>>>>

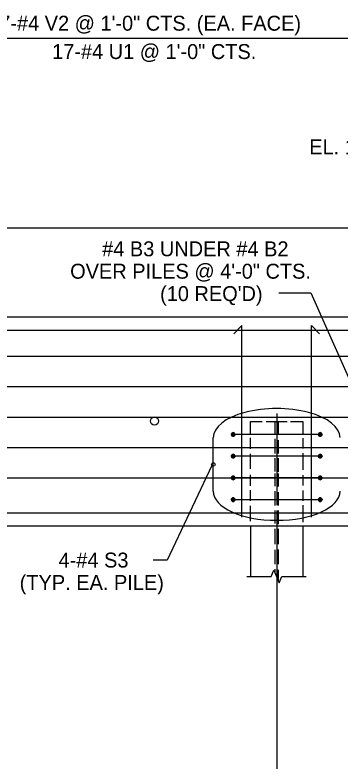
# Model space of a CAD drawing. Extents: x -41 to 191, y -168 to 6.
# Drawn here: x 154.55 to 160.78, y -40.75 to -26.46 of the extents above; entities that cross this region are included whole.
import ezdxf

# ---------------------------------------------------------------- set-up
doc = ezdxf.new("R2010")
doc.units = 0
for name, color, linetype in [('Dimension Lines', 7, 'Continuous'), ('Dimension Lines CELL', 7, 'Continuous'), ('Mis Object Lines', 7, 'Continuous'), ('Rebar Lines', 7, 'Continuous'), ('Rebar Lines CELL', 7, 'Continuous'), ('Text', 7, 'Continuous')]:
    doc.layers.add(name, color=color, linetype=linetype)

msp = doc.modelspace()

# ---------------------------------------------------------------- linework, layer by layer
at = {"layer": 'Dimension Lines'}
for p, q in [((148.448, -26.909), (164.521, -26.909)), ((149.531, -26.909), (164.551, -26.909)), ((159.608, -31.784), (160.22, -31.784)), ((160.22, -31.784), (161.225, -34.049)), ((158.352, -35.588), (158.352, -34.56)), ((158.325, -35.097), (157.466, -36.908)), ((159.566, -36.249), (159.566, -42.873)), ((157.466, -36.908), (157.199, -36.908))]:
    msp.add_line(p, q, dxfattribs=at)
for centre, start_param, end_param in [((159.566, -34.56), 0, 3.141593), ((159.566, -35.588), 3.141593, 6.283185)]:
    msp.add_ellipse(centre, major_axis=(1.215, 0), ratio=0.457627, start_param=start_param, end_param=end_param, dxfattribs=at)
at = {"layer": 'Dimension Lines CELL'}
msp.add_circle((158.352, -35.074), 0.0353, dxfattribs=at)
at = {"layer": 'Mis Object Lines'}
for p, q in [((137.623, -30.54), (164.491, -30.54)), ((147.948, -32.249), (168.185, -32.249)), ((133.764, -36.249), (168.185, -36.249))]:
    msp.add_line(p, q, dxfattribs=at)
at = {"layer": 'Rebar Lines'}
for p, q in [((158.9, -32.415), (158.746, -32.569)), ((158.9, -36.082), (158.9, -32.415)), ((160.233, -32.415), (160.387, -32.569)), ((160.233, -36.082), (160.233, -32.415)), ((127.69, -32.5), (166.732, -32.5)), ((149.253, -32.999), (167.24, -32.999)), ((149.253, -33.582), (167.24, -33.582)), ((159.566, -34.097), (159.566, -35.854)), ((149.253, -34.165), (167.24, -34.165)), ((159.535, -34.491), (159.535, -34.249)), ((159.598, -34.497), (159.598, -34.249)), ((159.535, -34.863), (159.535, -34.584)), ((159.598, -34.863), (159.598, -34.607)), ((149.253, -34.749), (167.24, -34.749)), ((159.535, -35.206), (159.535, -34.956)), ((159.598, -35.217), (159.598, -34.956)), ((159.535, -35.491), (159.535, -35.249)), ((159.598, -35.497), (159.598, -35.249)), ((149.253, -35.332), (167.24, -35.332)), ((159.535, -35.863), (159.535, -35.584)), ((159.598, -35.863), (159.598, -35.607)), ((127.69, -35.999), (166.825, -35.999)), ((159.535, -36.206), (159.535, -35.956)), ((159.566, -35.958), (159.566, -36.249)), ((159.598, -36.217), (159.598, -35.956)), ((159.066, -36.266), (159.066, -37.218)), ((160.067, -36.266), (160.067, -37.218)), ((159.535, -36.601), (159.535, -36.304)), ((159.566, -36.318), (159.566, -37.524)), ((159.598, -36.601), (159.598, -36.31)), ((159.535, -36.984), (159.535, -36.711)), ((159.598, -36.984), (159.598, -36.705)), ((159.535, -37.152), (159.535, -37.077)), ((159.598, -37.301), (159.598, -37.089))]:
    msp.add_line(p, q, dxfattribs=at)
for points in [[(159.066, -34.482), (159.066, -34.249), (159.289, -34.249)], [(159.364, -34.249), (159.764, -34.249)], [(159.833, -34.249), (160.066, -34.249), (160.066, -34.495)], [(159.066, -34.773), (159.066, -34.565)], [(160.066, -34.571), (160.066, -34.77)], [(159.066, -35.16), (159.066, -34.868)], [(160.066, -34.855), (160.066, -35.176)], [(159.066, -35.482), (159.066, -35.274)], [(160.066, -35.28), (160.066, -35.479)], [(159.066, -35.773), (159.066, -35.565)], [(160.066, -35.571), (160.066, -35.77)], [(159.066, -36.16), (159.066, -35.868)], [(160.066, -35.855), (160.066, -36.176)], [(158.996, -37.218), (159.458, -37.218), (159.513, -37.098), (159.615, -37.343), (159.667, -37.218), (160.133, -37.218)]]:
    msp.add_lwpolyline(points, dxfattribs=at)
at = {"layer": 'Rebar Lines CELL'}
for p, q in [((160.4, -34.499), (158.733, -34.499)), ((160.4, -34.915), (158.733, -34.915)), ((160.4, -35.332), (158.733, -35.332)), ((160.4, -35.749), (158.733, -35.749))]:
    msp.add_line(p, q, dxfattribs=at)
for points in [[(158.733, -34.463), (158.72, -34.466), (158.708, -34.474), (158.7, -34.485), (158.698, -34.499), (158.7, -34.512), (158.708, -34.523), (158.72, -34.531), (158.733, -34.534), (158.746, -34.531), (158.758, -34.523), (158.766, -34.512), (158.768, -34.499), (158.766, -34.485), (158.758, -34.474), (158.747, -34.466), (158.733, -34.463), (158.733, -34.499), (158.733, -34.534), (158.72, -34.531), (158.733, -34.499), (158.708, -34.523), (158.7, -34.512), (158.733, -34.499), (158.698, -34.499), (158.7, -34.485), (158.733, -34.499), (158.708, -34.474), (158.72, -34.466), (158.733, -34.499), (158.747, -34.466), (158.758, -34.474), (158.733, -34.499), (158.766, -34.485), (158.768, -34.499), (158.733, -34.499), (158.766, -34.512), (158.758, -34.523), (158.733, -34.499), (158.746, -34.531)], [(160.4, -34.463), (160.386, -34.466), (160.375, -34.474), (160.367, -34.485), (160.365, -34.499), (160.367, -34.512), (160.375, -34.523), (160.386, -34.531), (160.4, -34.534), (160.413, -34.531), (160.425, -34.523), (160.432, -34.512), (160.435, -34.499), (160.432, -34.485), (160.425, -34.474), (160.413, -34.466), (160.4, -34.463), (160.4, -34.499), (160.4, -34.534), (160.386, -34.531), (160.4, -34.499), (160.375, -34.523), (160.367, -34.512), (160.4, -34.499), (160.365, -34.499), (160.367, -34.485), (160.4, -34.499), (160.375, -34.474), (160.386, -34.466), (160.4, -34.499), (160.413, -34.466), (160.425, -34.474), (160.4, -34.499), (160.432, -34.485), (160.435, -34.499), (160.4, -34.499), (160.432, -34.512), (160.425, -34.523), (160.4, -34.499), (160.413, -34.531)], [(158.733, -34.88), (158.72, -34.883), (158.708, -34.89), (158.7, -34.902), (158.698, -34.915), (158.7, -34.929), (158.708, -34.94), (158.72, -34.948), (158.733, -34.95), (158.746, -34.948), (158.758, -34.94), (158.766, -34.929), (158.768, -34.915), (158.766, -34.902), (158.758, -34.89), (158.747, -34.883), (158.733, -34.88), (158.733, -34.915), (158.733, -34.95), (158.72, -34.948), (158.733, -34.915), (158.708, -34.94), (158.7, -34.929), (158.733, -34.915), (158.698, -34.915), (158.7, -34.902), (158.733, -34.915), (158.708, -34.89), (158.72, -34.883), (158.733, -34.915), (158.747, -34.883), (158.758, -34.89), (158.733, -34.915), (158.766, -34.902), (158.768, -34.915), (158.733, -34.915), (158.766, -34.929), (158.758, -34.94), (158.733, -34.915), (158.746, -34.948)], [(160.4, -34.88), (160.386, -34.883), (160.375, -34.89), (160.367, -34.902), (160.365, -34.915), (160.367, -34.929), (160.375, -34.94), (160.386, -34.948), (160.4, -34.95), (160.413, -34.948), (160.425, -34.94), (160.432, -34.929), (160.435, -34.915), (160.432, -34.902), (160.425, -34.89), (160.413, -34.883), (160.4, -34.88), (160.4, -34.915), (160.4, -34.95), (160.386, -34.948), (160.4, -34.915), (160.375, -34.94), (160.367, -34.929), (160.4, -34.915), (160.365, -34.915), (160.367, -34.902), (160.4, -34.915), (160.375, -34.89), (160.386, -34.883), (160.4, -34.915), (160.413, -34.883), (160.425, -34.89), (160.4, -34.915), (160.432, -34.902), (160.435, -34.915), (160.4, -34.915), (160.432, -34.929), (160.425, -34.94), (160.4, -34.915), (160.413, -34.948)], [(158.733, -35.297), (158.72, -35.299), (158.708, -35.307), (158.7, -35.318), (158.698, -35.332), (158.7, -35.345), (158.708, -35.357), (158.72, -35.364), (158.733, -35.367), (158.746, -35.364), (158.758, -35.357), (158.766, -35.345), (158.768, -35.332), (158.766, -35.318), (158.758, -35.307), (158.747, -35.299), (158.733, -35.297), (158.733, -35.332), (158.733, -35.367), (158.72, -35.364), (158.733, -35.332), (158.708, -35.357), (158.7, -35.345), (158.733, -35.332), (158.698, -35.332), (158.7, -35.318), (158.733, -35.332), (158.708, -35.307), (158.72, -35.299), (158.733, -35.332), (158.747, -35.299), (158.758, -35.307), (158.733, -35.332), (158.766, -35.318), (158.768, -35.332), (158.733, -35.332), (158.766, -35.345), (158.758, -35.357), (158.733, -35.332), (158.746, -35.364)], [(160.4, -35.297), (160.386, -35.299), (160.375, -35.307), (160.367, -35.318), (160.365, -35.332), (160.367, -35.345), (160.375, -35.357), (160.386, -35.364), (160.4, -35.367), (160.413, -35.364), (160.425, -35.357), (160.432, -35.345), (160.435, -35.332), (160.432, -35.318), (160.425, -35.307), (160.413, -35.299), (160.4, -35.297), (160.4, -35.332), (160.4, -35.367), (160.386, -35.364), (160.4, -35.332), (160.375, -35.357), (160.367, -35.345), (160.4, -35.332), (160.365, -35.332), (160.367, -35.318), (160.4, -35.332), (160.375, -35.307), (160.386, -35.299), (160.4, -35.332), (160.413, -35.299), (160.425, -35.307), (160.4, -35.332), (160.432, -35.318), (160.435, -35.332), (160.4, -35.332), (160.432, -35.345), (160.425, -35.357), (160.4, -35.332), (160.413, -35.364)], [(158.733, -35.713), (158.72, -35.716), (158.708, -35.724), (158.7, -35.735), (158.698, -35.749), (158.7, -35.762), (158.708, -35.773), (158.72, -35.781), (158.733, -35.784), (158.746, -35.781), (158.758, -35.773), (158.766, -35.762), (158.768, -35.749), (158.766, -35.735), (158.758, -35.724), (158.747, -35.716), (158.733, -35.713), (158.733, -35.749), (158.733, -35.784), (158.72, -35.781), (158.733, -35.749), (158.708, -35.773), (158.7, -35.762), (158.733, -35.749), (158.698, -35.749), (158.7, -35.735), (158.733, -35.749), (158.708, -35.724), (158.72, -35.716), (158.733, -35.749), (158.747, -35.716), (158.758, -35.724), (158.733, -35.749), (158.766, -35.735), (158.768, -35.749), (158.733, -35.749), (158.766, -35.762), (158.758, -35.773), (158.733, -35.749), (158.746, -35.781)], [(160.4, -35.713), (160.386, -35.716), (160.375, -35.724), (160.367, -35.735), (160.365, -35.749), (160.367, -35.762), (160.375, -35.773), (160.386, -35.781), (160.4, -35.784), (160.413, -35.781), (160.425, -35.773), (160.432, -35.762), (160.435, -35.749), (160.432, -35.735), (160.425, -35.724), (160.413, -35.716), (160.4, -35.713), (160.4, -35.749), (160.4, -35.784), (160.386, -35.781), (160.4, -35.749), (160.375, -35.773), (160.367, -35.762), (160.4, -35.749), (160.365, -35.749), (160.367, -35.735), (160.4, -35.749), (160.375, -35.724), (160.386, -35.716), (160.4, -35.749), (160.413, -35.716), (160.425, -35.724), (160.4, -35.749), (160.432, -35.735), (160.435, -35.749), (160.4, -35.749), (160.432, -35.762), (160.425, -35.773), (160.4, -35.749), (160.413, -35.781)]]:
    msp.add_lwpolyline(points, dxfattribs=at)
msp.add_circle((157.225, -34.242), 0.0773, dxfattribs=at)

# ---------------------------------------------------------------- texts
at = {"layer": 'Text'}
for s, p in [('17-#4 V2 @ 1\'-0" CTS. (EA. FACE)', (154.037, -26.766)), ('17-#4 U1 @ 1\'-0" CTS.', (155.263, -27.309)), ('EL. 182.07', (160.19, -29.133)), ('#4 B3 UNDER #4 B2', (156.222, -31.087)), ('OVER PILES @ 4\'-0" CTS.', (155.609, -31.516)), ("(10 REQ'D)", (157.332, -31.945)), ('4-#4 S3', (155.387, -37.048)), ('(TYP. EA. PILE)', (154.642, -37.477))]:
    msp.add_text(s, height=0.286, dxfattribs=at).set_placement(p)

doc.saveas('drawing.dxf')

<<<<

#### Directions
Copy each line of the data that includes the word "color".

#### Answer space
for name, color, linetype in [('Dimension Lines', 7, 'Continuous'), ('Dimension Lines CELL', 7, 'Continuous'), ('Mis Object Lines', 7, 'Continuous'), ('Rebar Lines', 7, 'Continuous'), ('Rebar Lines CELL', 7, 'Continuous'), ('Text', 7, 'Continuous')]:
    doc.layers.add(name, color=color, linetype=linetype)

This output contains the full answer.